A ransomware attack without a ransom demand is "uncommon," said Hubert.

But there could be any of a number of reasons for this, said Hubert, whose firm didn't work on this incident. For example, if the district regularly backed up the data it stored and the attack occurred moments after one of those frequent backups, the hackers behind the attack could come away empty handed, she said.

The public isn't likely to learn the specifics of what happened, and who was behind it, unless the Justice Department brings charges against the attackers.

"You're not going to see attribution until there's a prosecution," Hubert said.

This isn't always possible, she said, noting sophisticated ransomware attacks increasingly are launched from overseas by international criminal gangs or state actors.

The Buffalo FBI office declined to comment on its investigation.

District stakeholders say they understand the district isn't alone in confronting cybersecurity threats and officials can't disclose anything that would compromise a criminal investigation.

But they say they're not completely satisfied with the level of detail officials have shared about the extent of the attack.

Mistretta said it's clear the district lost instructional material and other data that was stored on its network. She said she's aware of teachers who had to rebuild their lesson plans and schools that had to reconstruct the templates they followed for their annual graduation ceremonies.
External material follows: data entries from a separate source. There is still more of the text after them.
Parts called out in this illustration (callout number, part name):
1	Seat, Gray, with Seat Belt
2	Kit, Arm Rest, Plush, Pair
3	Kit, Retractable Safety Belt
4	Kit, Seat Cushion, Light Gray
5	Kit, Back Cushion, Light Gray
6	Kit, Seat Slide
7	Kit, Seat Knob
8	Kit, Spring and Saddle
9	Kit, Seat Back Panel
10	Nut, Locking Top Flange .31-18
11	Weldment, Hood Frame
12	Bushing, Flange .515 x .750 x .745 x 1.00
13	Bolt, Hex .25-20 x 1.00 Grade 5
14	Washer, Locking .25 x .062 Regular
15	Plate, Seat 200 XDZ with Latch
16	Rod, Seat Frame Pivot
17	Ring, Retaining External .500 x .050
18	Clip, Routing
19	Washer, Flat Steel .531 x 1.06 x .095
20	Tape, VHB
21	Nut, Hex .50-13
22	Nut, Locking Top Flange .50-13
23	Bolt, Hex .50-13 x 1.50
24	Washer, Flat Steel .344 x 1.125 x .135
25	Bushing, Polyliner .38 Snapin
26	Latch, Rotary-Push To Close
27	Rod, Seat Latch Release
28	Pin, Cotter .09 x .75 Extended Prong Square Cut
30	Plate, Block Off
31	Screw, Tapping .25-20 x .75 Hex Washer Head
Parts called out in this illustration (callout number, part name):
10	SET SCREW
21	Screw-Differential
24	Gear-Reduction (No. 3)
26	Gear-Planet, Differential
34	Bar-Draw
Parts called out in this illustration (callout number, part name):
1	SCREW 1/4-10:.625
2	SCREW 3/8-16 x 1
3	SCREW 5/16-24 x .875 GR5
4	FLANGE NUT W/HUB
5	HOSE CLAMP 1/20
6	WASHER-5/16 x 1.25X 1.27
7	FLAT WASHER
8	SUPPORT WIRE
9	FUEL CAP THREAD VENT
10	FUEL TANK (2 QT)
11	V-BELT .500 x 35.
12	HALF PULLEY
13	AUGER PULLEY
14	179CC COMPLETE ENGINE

"It's very extensive, the data that was lost," Mistretta said.

Buffalo Teachers Federation President Phil Rumore said the union has requested more information from the district on how its members were affected. He also said teachers want more training into best cybersecurity practices and more time to be able to sign up for IT consulting and monitoring services.

The BTF plans to meet with district officials on the issue in December.

"The bottom line is the transparency," Rumore said. "We want to have more access and quicker access to what exactly is going on, what has been compromised, et cetera, within the guidelines that are required by the federal government."

©2021 The Buffalo News (Buffalo, N.Y.). Distributed by Tribune Content Agency, LLC.